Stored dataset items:
○ ○ ○ ○ ○

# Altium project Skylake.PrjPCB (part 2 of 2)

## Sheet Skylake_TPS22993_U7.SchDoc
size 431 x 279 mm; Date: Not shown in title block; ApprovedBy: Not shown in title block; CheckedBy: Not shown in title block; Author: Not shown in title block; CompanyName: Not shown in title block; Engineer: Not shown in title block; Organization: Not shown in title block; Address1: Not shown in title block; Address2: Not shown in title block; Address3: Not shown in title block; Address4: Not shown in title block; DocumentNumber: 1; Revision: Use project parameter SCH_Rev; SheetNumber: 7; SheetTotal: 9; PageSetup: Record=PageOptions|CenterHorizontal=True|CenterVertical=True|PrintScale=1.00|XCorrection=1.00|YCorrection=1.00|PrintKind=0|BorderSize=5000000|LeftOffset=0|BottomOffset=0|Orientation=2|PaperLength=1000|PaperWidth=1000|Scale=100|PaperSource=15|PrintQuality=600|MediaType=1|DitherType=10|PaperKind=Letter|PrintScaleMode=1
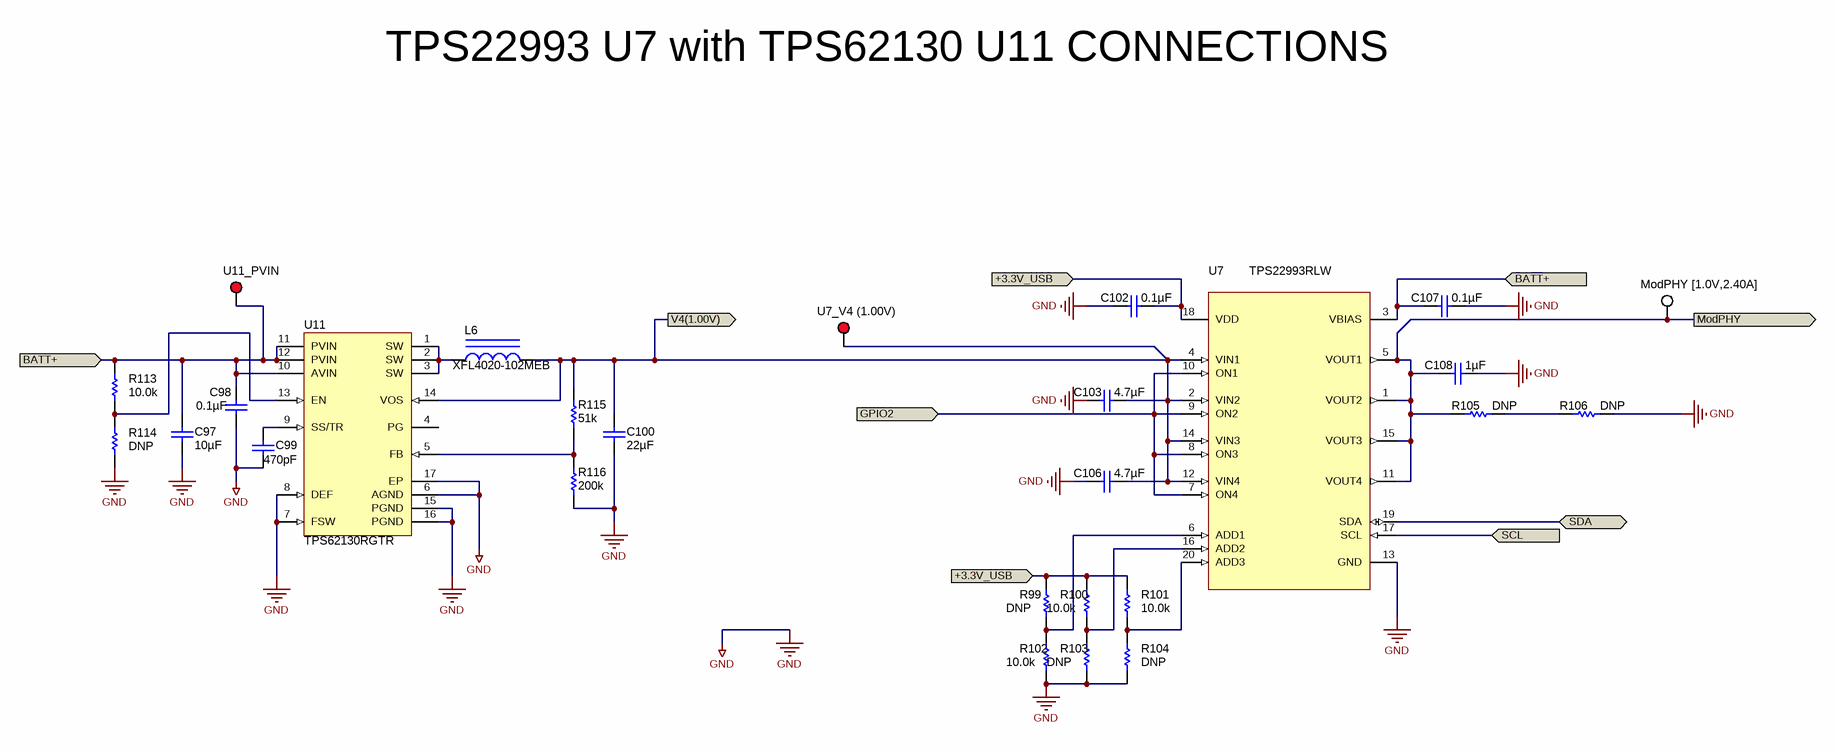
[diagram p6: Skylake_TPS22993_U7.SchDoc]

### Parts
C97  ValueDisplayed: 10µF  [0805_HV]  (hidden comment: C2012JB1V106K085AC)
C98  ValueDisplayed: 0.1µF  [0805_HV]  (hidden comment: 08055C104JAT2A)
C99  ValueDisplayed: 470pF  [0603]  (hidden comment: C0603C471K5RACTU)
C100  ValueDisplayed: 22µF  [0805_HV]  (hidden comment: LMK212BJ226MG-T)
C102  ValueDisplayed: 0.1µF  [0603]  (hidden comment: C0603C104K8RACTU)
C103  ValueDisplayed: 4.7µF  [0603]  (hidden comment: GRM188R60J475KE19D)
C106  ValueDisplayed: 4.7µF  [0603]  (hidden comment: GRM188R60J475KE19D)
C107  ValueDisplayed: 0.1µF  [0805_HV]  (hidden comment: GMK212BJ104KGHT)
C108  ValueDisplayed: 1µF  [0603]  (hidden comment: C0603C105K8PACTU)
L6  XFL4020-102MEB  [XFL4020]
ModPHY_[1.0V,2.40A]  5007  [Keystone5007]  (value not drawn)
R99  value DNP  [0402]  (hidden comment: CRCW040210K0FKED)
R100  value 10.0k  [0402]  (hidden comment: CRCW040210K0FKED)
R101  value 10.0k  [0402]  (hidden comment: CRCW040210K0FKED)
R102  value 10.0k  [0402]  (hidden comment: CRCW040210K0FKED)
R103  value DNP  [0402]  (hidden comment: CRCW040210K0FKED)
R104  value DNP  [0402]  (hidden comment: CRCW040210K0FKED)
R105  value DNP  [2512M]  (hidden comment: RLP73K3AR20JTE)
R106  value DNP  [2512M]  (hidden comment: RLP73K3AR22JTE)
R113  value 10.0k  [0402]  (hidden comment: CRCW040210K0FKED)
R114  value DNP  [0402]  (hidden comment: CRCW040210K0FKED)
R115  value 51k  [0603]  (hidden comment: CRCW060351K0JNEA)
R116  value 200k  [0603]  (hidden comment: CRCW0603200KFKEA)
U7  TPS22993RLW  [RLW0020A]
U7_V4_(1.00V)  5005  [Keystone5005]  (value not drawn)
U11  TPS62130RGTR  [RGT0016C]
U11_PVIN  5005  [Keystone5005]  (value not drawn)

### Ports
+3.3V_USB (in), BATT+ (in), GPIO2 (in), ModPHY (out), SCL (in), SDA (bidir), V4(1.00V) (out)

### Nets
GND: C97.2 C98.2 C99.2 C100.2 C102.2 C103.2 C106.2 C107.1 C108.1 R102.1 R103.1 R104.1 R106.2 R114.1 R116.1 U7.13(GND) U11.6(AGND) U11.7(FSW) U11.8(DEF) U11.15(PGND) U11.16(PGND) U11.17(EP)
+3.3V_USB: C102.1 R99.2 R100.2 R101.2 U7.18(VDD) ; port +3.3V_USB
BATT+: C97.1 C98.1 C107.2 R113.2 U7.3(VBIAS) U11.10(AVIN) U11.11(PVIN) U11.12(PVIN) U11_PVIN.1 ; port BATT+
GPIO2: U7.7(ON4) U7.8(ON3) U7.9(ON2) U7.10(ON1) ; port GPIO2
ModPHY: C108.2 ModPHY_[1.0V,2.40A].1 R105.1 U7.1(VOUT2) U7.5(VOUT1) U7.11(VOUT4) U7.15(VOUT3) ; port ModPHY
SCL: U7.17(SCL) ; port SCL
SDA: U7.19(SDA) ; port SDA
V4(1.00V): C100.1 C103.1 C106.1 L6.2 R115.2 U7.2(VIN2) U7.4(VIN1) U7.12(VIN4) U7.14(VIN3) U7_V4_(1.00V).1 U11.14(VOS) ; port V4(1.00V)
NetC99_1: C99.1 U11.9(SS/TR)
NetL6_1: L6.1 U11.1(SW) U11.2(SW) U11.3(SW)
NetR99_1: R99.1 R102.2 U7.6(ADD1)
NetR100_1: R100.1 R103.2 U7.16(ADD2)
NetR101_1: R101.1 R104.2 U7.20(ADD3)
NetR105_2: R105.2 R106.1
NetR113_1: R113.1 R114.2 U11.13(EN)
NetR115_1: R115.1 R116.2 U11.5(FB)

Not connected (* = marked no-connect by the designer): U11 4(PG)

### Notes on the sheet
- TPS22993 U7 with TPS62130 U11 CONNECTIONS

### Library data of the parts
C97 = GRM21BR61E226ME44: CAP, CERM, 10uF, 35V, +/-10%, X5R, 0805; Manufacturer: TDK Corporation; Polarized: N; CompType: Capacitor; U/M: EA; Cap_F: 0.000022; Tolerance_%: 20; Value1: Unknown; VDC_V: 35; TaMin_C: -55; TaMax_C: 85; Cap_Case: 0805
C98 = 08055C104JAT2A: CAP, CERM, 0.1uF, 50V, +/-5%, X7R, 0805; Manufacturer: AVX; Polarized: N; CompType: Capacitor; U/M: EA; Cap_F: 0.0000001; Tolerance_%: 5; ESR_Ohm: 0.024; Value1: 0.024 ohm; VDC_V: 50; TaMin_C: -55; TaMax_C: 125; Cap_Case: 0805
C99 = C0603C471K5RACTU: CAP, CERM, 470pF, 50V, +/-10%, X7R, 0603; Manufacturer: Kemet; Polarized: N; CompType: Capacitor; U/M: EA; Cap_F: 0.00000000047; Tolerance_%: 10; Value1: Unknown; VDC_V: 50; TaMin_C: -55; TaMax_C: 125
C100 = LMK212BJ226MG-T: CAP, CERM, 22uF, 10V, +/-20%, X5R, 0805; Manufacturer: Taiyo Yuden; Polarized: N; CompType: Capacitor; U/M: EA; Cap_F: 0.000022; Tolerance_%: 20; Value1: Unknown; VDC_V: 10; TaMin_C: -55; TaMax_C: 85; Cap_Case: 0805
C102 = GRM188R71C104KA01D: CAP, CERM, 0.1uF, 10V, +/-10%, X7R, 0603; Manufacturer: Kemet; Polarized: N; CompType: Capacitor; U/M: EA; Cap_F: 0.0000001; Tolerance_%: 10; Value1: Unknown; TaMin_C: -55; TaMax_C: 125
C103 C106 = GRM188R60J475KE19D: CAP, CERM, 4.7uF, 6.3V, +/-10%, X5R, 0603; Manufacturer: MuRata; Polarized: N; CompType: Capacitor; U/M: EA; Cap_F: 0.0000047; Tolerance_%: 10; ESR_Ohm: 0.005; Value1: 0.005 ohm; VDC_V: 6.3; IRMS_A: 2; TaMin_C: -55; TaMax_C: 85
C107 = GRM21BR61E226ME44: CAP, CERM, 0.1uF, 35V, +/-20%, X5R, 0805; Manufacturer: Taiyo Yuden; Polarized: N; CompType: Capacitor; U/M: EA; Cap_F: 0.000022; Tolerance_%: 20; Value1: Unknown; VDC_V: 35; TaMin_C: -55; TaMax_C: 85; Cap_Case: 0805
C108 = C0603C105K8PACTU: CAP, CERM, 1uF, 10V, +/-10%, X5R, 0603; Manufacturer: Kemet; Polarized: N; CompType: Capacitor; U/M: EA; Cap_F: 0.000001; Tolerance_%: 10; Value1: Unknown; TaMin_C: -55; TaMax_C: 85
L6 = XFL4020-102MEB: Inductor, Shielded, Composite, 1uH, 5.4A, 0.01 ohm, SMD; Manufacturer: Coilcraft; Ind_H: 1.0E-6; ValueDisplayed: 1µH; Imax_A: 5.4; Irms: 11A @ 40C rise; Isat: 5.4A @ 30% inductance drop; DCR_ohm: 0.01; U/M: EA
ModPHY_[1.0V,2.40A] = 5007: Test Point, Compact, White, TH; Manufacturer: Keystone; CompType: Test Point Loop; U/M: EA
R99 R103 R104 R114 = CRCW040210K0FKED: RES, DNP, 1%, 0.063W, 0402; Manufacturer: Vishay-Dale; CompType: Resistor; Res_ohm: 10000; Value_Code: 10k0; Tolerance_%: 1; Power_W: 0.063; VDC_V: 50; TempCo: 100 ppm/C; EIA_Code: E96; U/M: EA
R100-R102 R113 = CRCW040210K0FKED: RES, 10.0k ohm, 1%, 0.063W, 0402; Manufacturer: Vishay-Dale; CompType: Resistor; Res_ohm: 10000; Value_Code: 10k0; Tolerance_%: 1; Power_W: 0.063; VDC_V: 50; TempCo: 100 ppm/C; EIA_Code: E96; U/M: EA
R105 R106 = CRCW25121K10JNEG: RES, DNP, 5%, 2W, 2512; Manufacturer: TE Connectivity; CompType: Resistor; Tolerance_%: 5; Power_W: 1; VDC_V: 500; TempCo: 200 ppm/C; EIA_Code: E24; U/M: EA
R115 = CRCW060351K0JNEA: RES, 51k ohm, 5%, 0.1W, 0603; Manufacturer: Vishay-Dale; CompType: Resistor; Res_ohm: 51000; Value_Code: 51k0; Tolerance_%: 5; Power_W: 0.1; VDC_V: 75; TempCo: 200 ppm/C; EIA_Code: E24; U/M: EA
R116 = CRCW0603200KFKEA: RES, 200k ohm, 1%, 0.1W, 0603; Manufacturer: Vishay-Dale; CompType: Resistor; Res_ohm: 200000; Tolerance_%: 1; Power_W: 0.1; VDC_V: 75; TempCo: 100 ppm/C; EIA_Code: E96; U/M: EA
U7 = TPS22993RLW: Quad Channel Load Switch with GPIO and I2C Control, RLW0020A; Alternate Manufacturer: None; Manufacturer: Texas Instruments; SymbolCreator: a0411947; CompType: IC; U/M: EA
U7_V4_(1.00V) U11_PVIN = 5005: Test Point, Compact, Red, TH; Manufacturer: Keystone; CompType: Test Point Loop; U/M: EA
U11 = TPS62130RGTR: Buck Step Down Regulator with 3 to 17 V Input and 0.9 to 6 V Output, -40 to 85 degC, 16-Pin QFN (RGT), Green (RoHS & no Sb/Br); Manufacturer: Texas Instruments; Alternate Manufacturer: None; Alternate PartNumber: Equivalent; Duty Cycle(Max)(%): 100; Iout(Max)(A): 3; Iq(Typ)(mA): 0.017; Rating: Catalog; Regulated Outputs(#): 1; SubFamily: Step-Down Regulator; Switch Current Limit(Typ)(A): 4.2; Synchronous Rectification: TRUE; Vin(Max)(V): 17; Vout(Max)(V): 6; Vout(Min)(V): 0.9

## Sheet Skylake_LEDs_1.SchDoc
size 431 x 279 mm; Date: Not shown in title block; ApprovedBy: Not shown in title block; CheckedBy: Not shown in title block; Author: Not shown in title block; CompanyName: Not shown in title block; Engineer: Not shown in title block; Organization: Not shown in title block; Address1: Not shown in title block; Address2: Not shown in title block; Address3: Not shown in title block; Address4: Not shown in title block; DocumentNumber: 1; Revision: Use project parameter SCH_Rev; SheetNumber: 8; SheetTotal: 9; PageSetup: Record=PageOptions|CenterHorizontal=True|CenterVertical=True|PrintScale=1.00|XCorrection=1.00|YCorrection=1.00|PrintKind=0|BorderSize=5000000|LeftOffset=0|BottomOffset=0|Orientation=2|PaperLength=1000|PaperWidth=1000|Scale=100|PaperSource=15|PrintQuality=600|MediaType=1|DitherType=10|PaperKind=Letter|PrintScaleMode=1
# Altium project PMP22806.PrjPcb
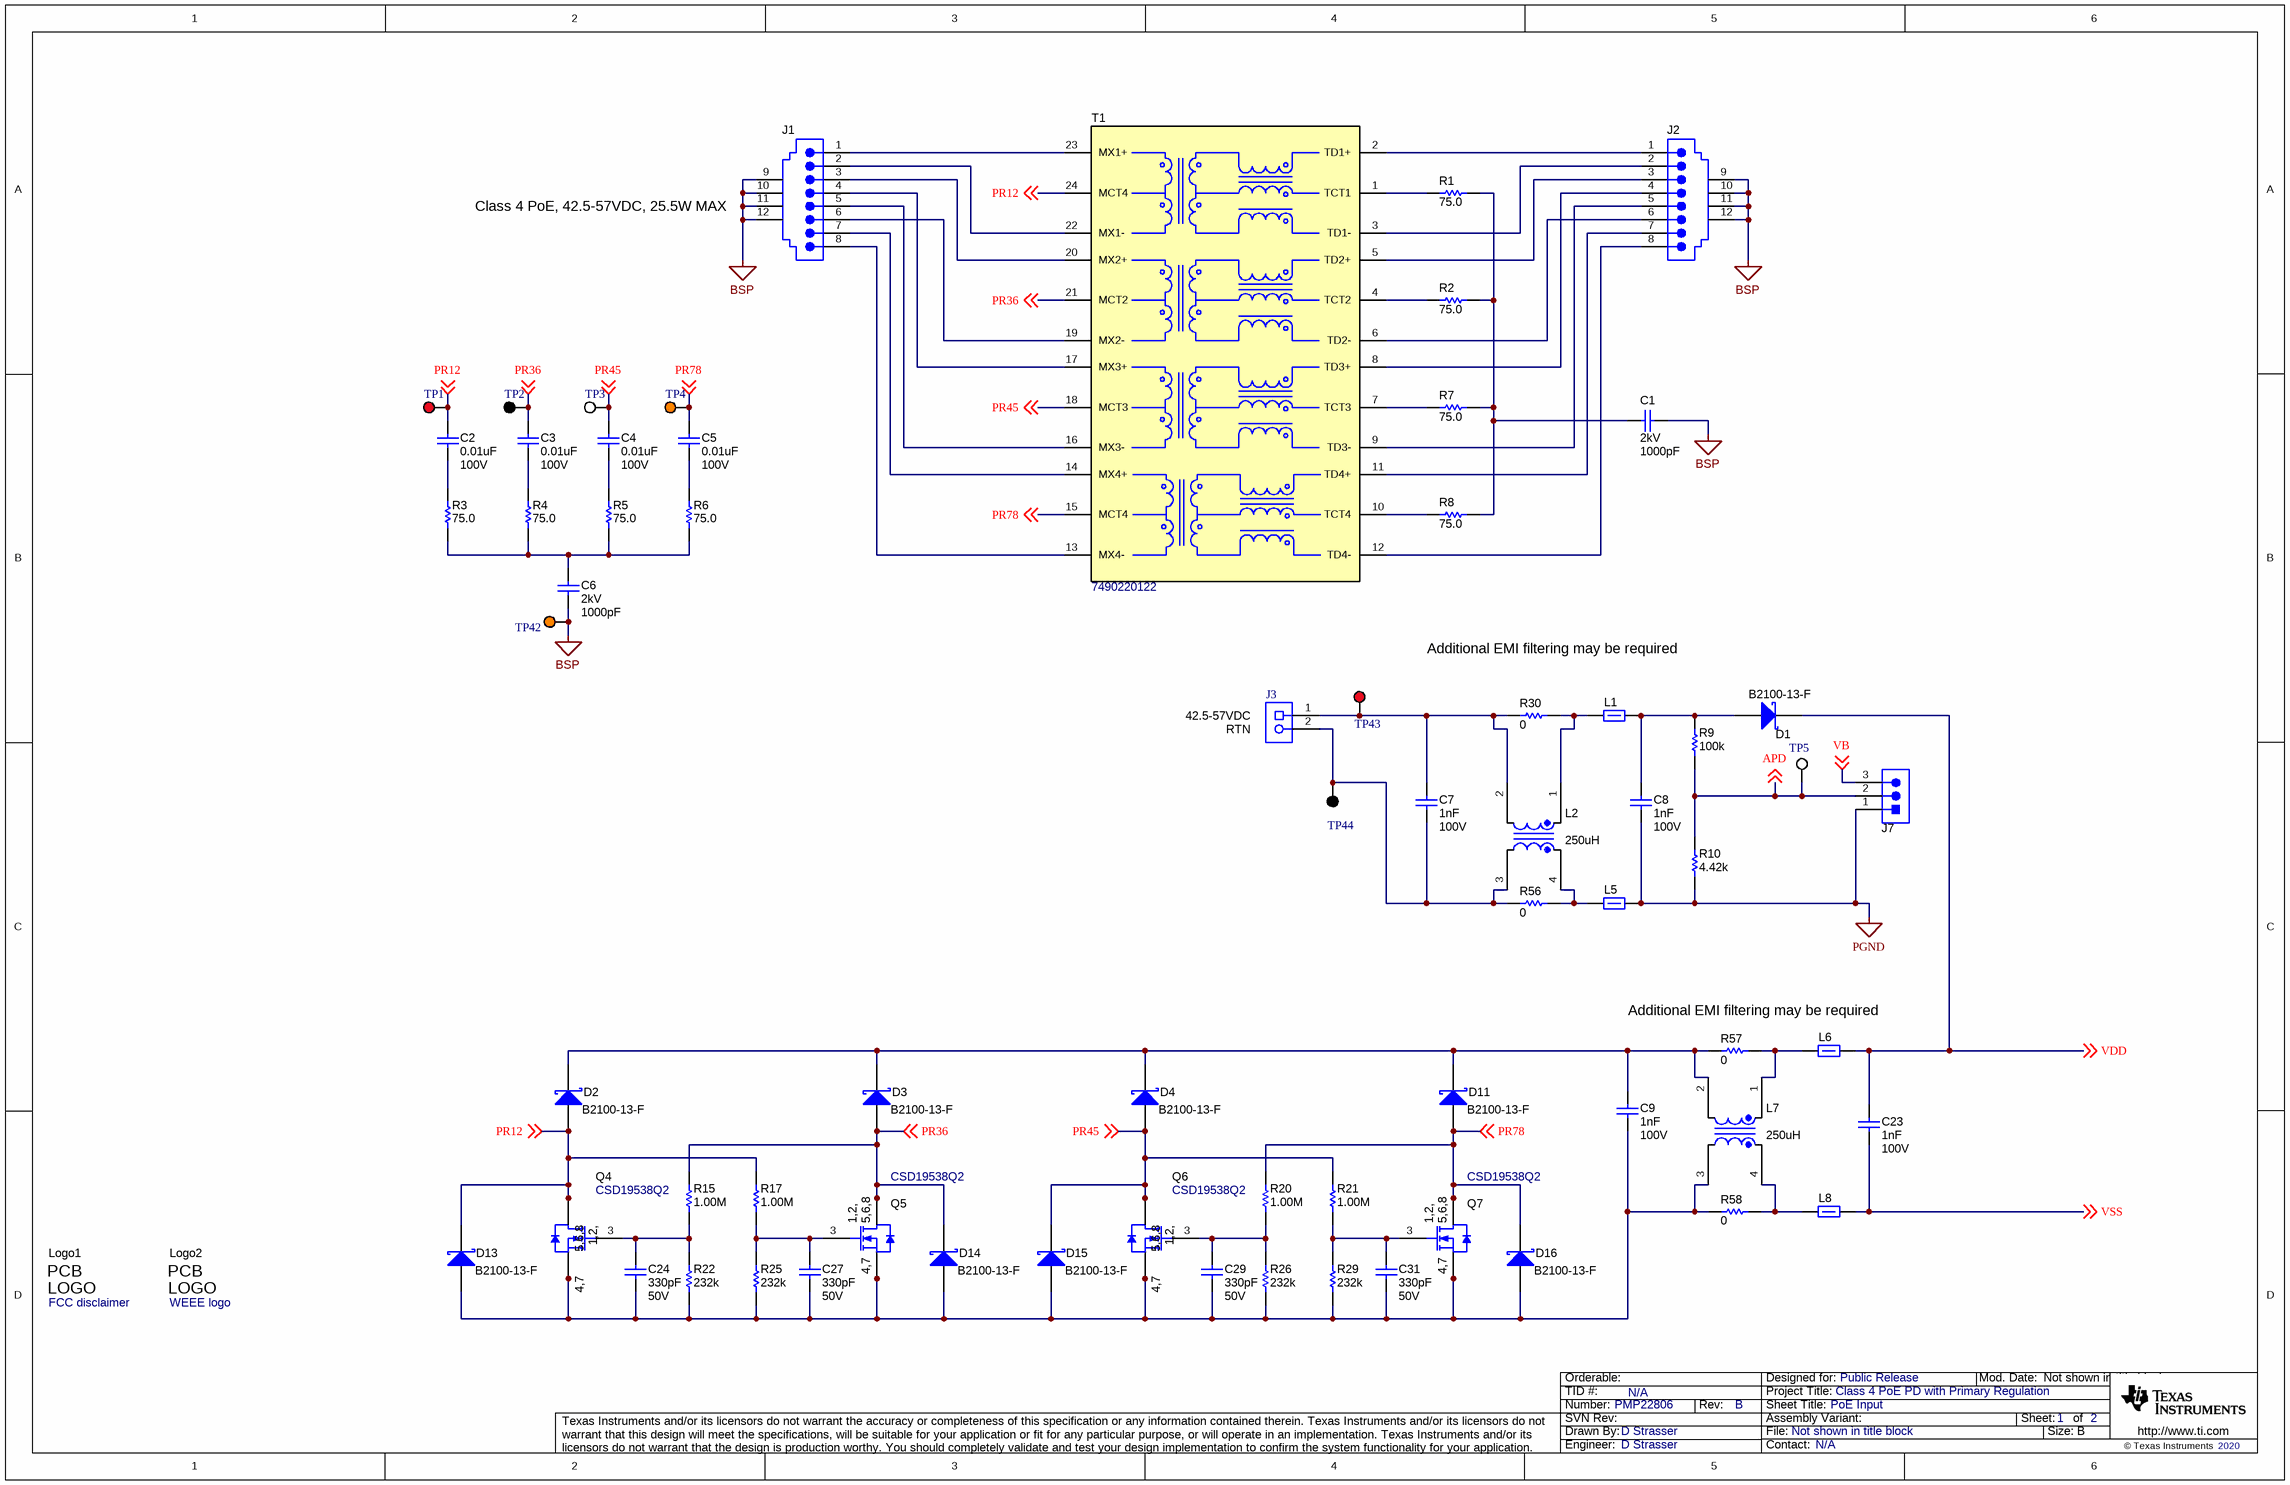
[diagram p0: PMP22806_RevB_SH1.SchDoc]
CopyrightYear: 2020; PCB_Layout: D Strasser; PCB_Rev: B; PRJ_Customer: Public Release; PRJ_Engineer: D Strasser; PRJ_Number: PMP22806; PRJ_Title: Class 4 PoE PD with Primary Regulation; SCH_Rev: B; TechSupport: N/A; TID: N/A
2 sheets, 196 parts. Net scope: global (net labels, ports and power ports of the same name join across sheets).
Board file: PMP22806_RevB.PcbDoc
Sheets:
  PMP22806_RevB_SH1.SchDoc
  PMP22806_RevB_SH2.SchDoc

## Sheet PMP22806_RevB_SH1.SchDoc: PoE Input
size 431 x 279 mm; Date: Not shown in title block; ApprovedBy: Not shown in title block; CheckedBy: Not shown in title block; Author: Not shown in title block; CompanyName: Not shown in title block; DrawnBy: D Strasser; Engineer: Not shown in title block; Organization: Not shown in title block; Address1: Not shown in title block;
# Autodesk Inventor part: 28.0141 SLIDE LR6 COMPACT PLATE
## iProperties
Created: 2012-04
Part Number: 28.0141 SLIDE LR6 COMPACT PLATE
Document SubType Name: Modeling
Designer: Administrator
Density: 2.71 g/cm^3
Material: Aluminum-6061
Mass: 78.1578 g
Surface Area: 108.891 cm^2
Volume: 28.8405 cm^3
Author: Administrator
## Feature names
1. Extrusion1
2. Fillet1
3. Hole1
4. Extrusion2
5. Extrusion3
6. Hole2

○ ○ ○ ○ ○

▶ _Task objective_
Starting at the line above that contains "SCH_Rev; SheetNumber: 8;", transcribe every line exactly through the line that contains "CopyrightYear: 2020; PCB_Layout: D", including that last one, and skip the pictures.

▶ _Task output_
size 431 x 279 mm; Date: Not shown in title block; ApprovedBy: Not shown in title block; CheckedBy: Not shown in title block; Author: Not shown in title block; CompanyName: Not shown in title block; Engineer: Not shown in title block; Organization: Not shown in title block; Address1: Not shown in title block; Address2: Not shown in title block; Address3: Not shown in title block; Address4: Not shown in title block; DocumentNumber: 1; Revision: Use project parameter SCH_Rev; SheetNumber: 8; SheetTotal: 9; PageSetup: Record=PageOptions|CenterHorizontal=True|CenterVertical=True|PrintScale=1.00|XCorrection=1.00|YCorrection=1.00|PrintKind=0|BorderSize=5000000|LeftOffset=0|BottomOffset=0|Orientation=2|PaperLength=1000|PaperWidth=1000|Scale=100|PaperSource=15|PrintQuality=600|MediaType=1|DitherType=10|PaperKind=Letter|PrintScaleMode=1
# Altium project PMP22806.PrjPcb
[diagram p0: PMP22806_RevB_SH1.SchDoc]
CopyrightYear: 2020; PCB_Layout: D Strasser; PCB_Rev: B; PRJ_Customer: Public Release; PRJ_Engineer: D Strasser; PRJ_Number: PMP22806; PRJ_Title: Class 4 PoE PD with Primary Regulation; SCH_Rev: B; TechSupport: N/A; TID: N/A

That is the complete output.